I wrote a small test program that confirm this (see below). The call to Thread.sleep(1000) is so that you can see the permanent generation going up in a profiler. You can check it yourself by running this program and then running jconsole which is available in the JDK distribution. Go to jconsole's Memory tab and select Memory Pool "Perm Gen" in the dropdown box. You will see the permanent generation going up steadly until the process terminates with a java.lang.OutOfMemoryError: PermGen space.
import java.util.ArrayList;
import java.util.List;

public class Main {
    public static void main(String[] args) throws Exception {
        int steps = 1000;
        String base = getBaseString();

        List strings = new ArrayList();
        int i = 0;
        while (true) {
            String str = base + i;
            str = str.intern();
            strings.add(str);
            i++;
            if (i % steps == 0) {
                Thread.sleep(1000);
            }

        }
    }

    private static String getBaseString() {
        StringBuilder builder = new StringBuilder();
        for (int i = 0; i < 1000; i++) {
            builder.append("a");
        }
        return builder.toString();
    }
}

So Myth 2: busted! String.intern() saves heap space, but at the expense of using up the more precious PermGen space.
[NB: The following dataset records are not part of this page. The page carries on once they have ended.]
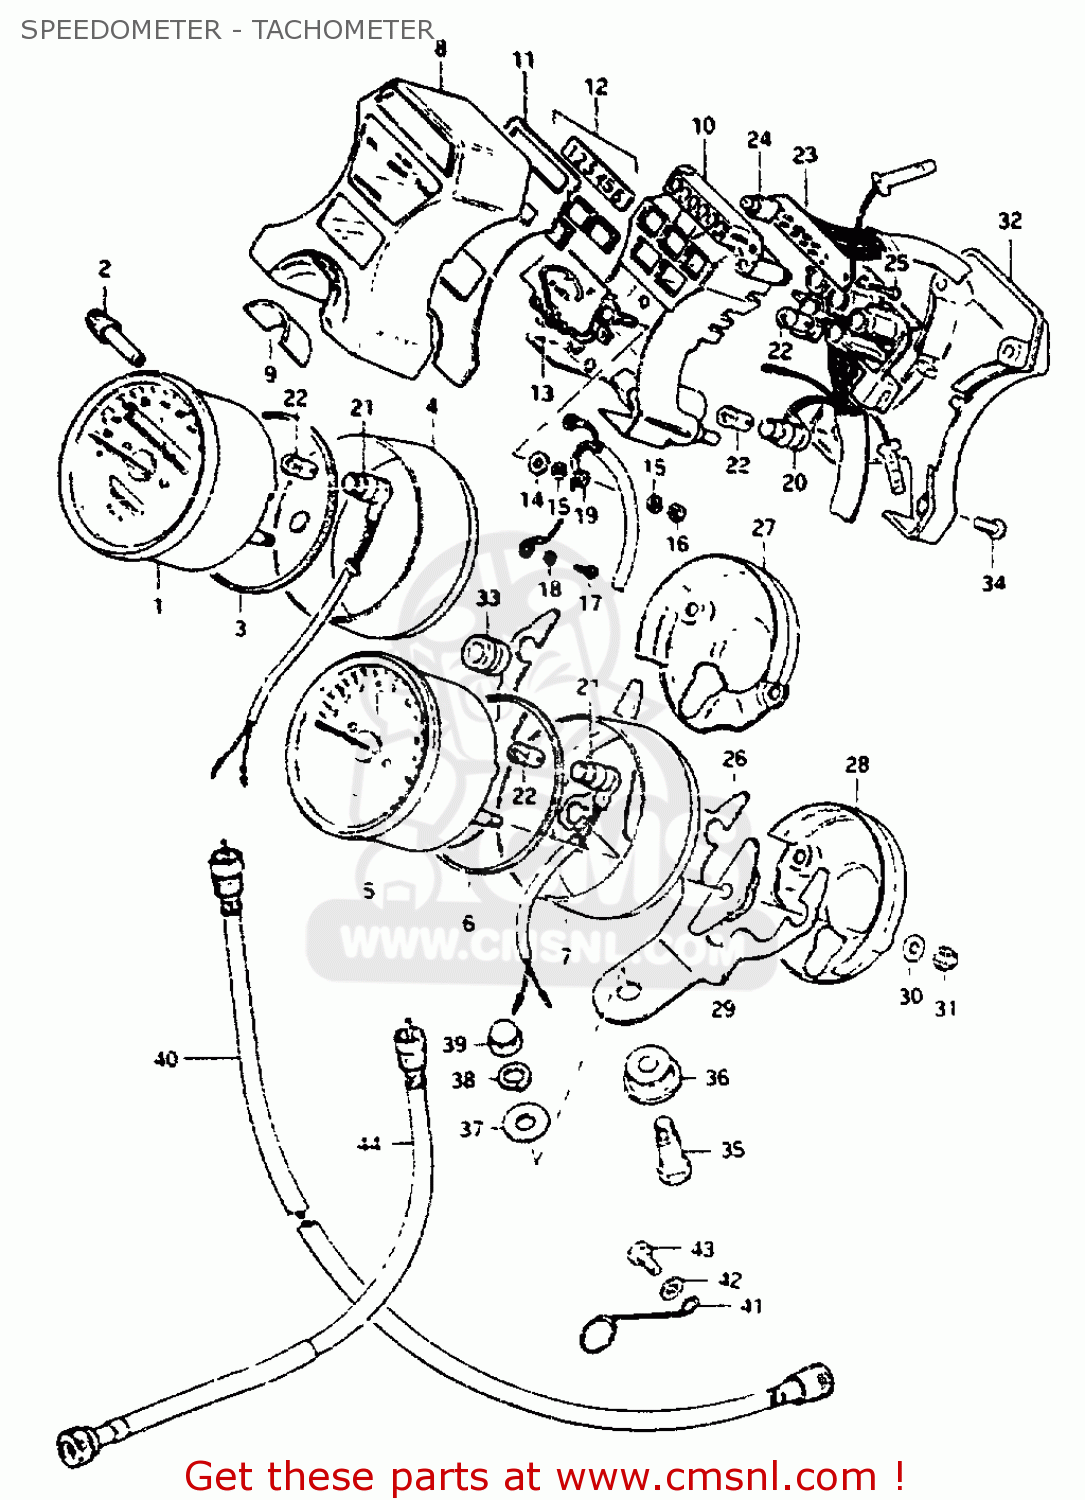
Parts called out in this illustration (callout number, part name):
1	SPEEDOMETER
2	KNOB
3	CUSHION
4	COVER,SPEEDOMETER
5	TACH0METER
6	CUSHION
7	COVER,TACHOMETER
8	CASE,PILOT BOX,OUTER
9	SEAL,IGNITION SWITCH
10	CASE, PILOT BOX INNER
11	PLATE,PILOT BOX
12	LENS SET,PILOT
13	METER,FUEL
14	WASHER
15	LOCK WASHER
16	NUT
17	SCREW
18	LOCK WASHER
19	LEAD WIRE, FUELMETER
20	SOCKET
21	SOCKET,METER
22	BULB(12V3.4W,STANLEY,A72A)
23	INDICATOR ASSEMBLY,GEAR POSITION
24	BULB(14V1.12W)
25	SCREW
26	BRACKET,COMBINATION METER
27	ORNAMENT,SPEEDOMETER
28	COVER,TACHOMETER
29	CUSHION,METER
30	WASHER
31	NUT
32	COVER,PILOT BOX,UNDER
33	CUSHION,PILOT BOX
34	SCREW,PILOT BOX
35	BOLT
36	CUSHION,METER
37	WASHER(8.5X23X1.2)
38	LOCK WASHER
39	NUT,M8X1.25X12
40	CABLE ASSEMBLY,SPEEDOMETER
41	GUIDE,SPEEDOMETER CABLE
42	BOLT, UPPER
43	WASHER
44	CABLE ASSEMBLY,TACHOMETER

Myth 3: internalized strings stay in the memory forever

This myth goes in the opposite direction of myth 2. Some people belive that internalized strings stay in the memory until the JVM ends. It may have been true a long time ago, but today the internalized strings are garbage collected if there are no more references to them. See below a slightly modified version of the program above. It clears the references to internalized strings from time to time. If you follow the program execution from jconsole, you will see that the PermGen space usage goes up and down, as the Garbage Collector reclaims the memory used by the unreferenced internalized strings.
import java.util.ArrayList;
import java.util.List;

public class Main {
    public static void main(String[] args) throws Exception {
        int steps = 1000;
        String base = getBaseString();

        List strings = new ArrayList();
        int i = 0;
        while (true) {
            String str = base + i;
            str = str.intern();
            strings.add(str);
            i++;
            if (i % steps == 0) {
                Thread.sleep(1000);
            }

            if (i % (steps * 4) == 0) {
                strings = new ArrayList();
            }
        }
    }

    private static String getBaseString() {
        StringBuilder builder = new StringBuilder();
        for (int i = 0; i < 1000; i++) {
            builder.append("a");
        }
        return builder.toString();
    }
}

Myth 3: Busted! Internalized strings are released if they are no longer referenced.

Note: when == is worth over equals()

If you are doing heavy text processing you may want to internalize strings. But in this case, you are probably better off using an approach that I outlined here: Weak Object Pools With WeakHashMap. With this approach, you get the benefit of having unique Strings, but without the penalty of using up the PermGen space.

Conclusion: always know what you are doing

As I said in the subtitle of this article, String.intern() is dangerous if you don't know what you are doing. Now you know the risks of using String.intern(), and you will be able to make a more informed decision about whether to use it or not.

More information

  • The OpenJDK source code is the JVM Hacker's heaven. It is not easy reading though, and you need to know C++ to take advantage of what it has to offer.
  • Presenting the Permanent Generation is a very good article about what is the PermGen and what goes inside it.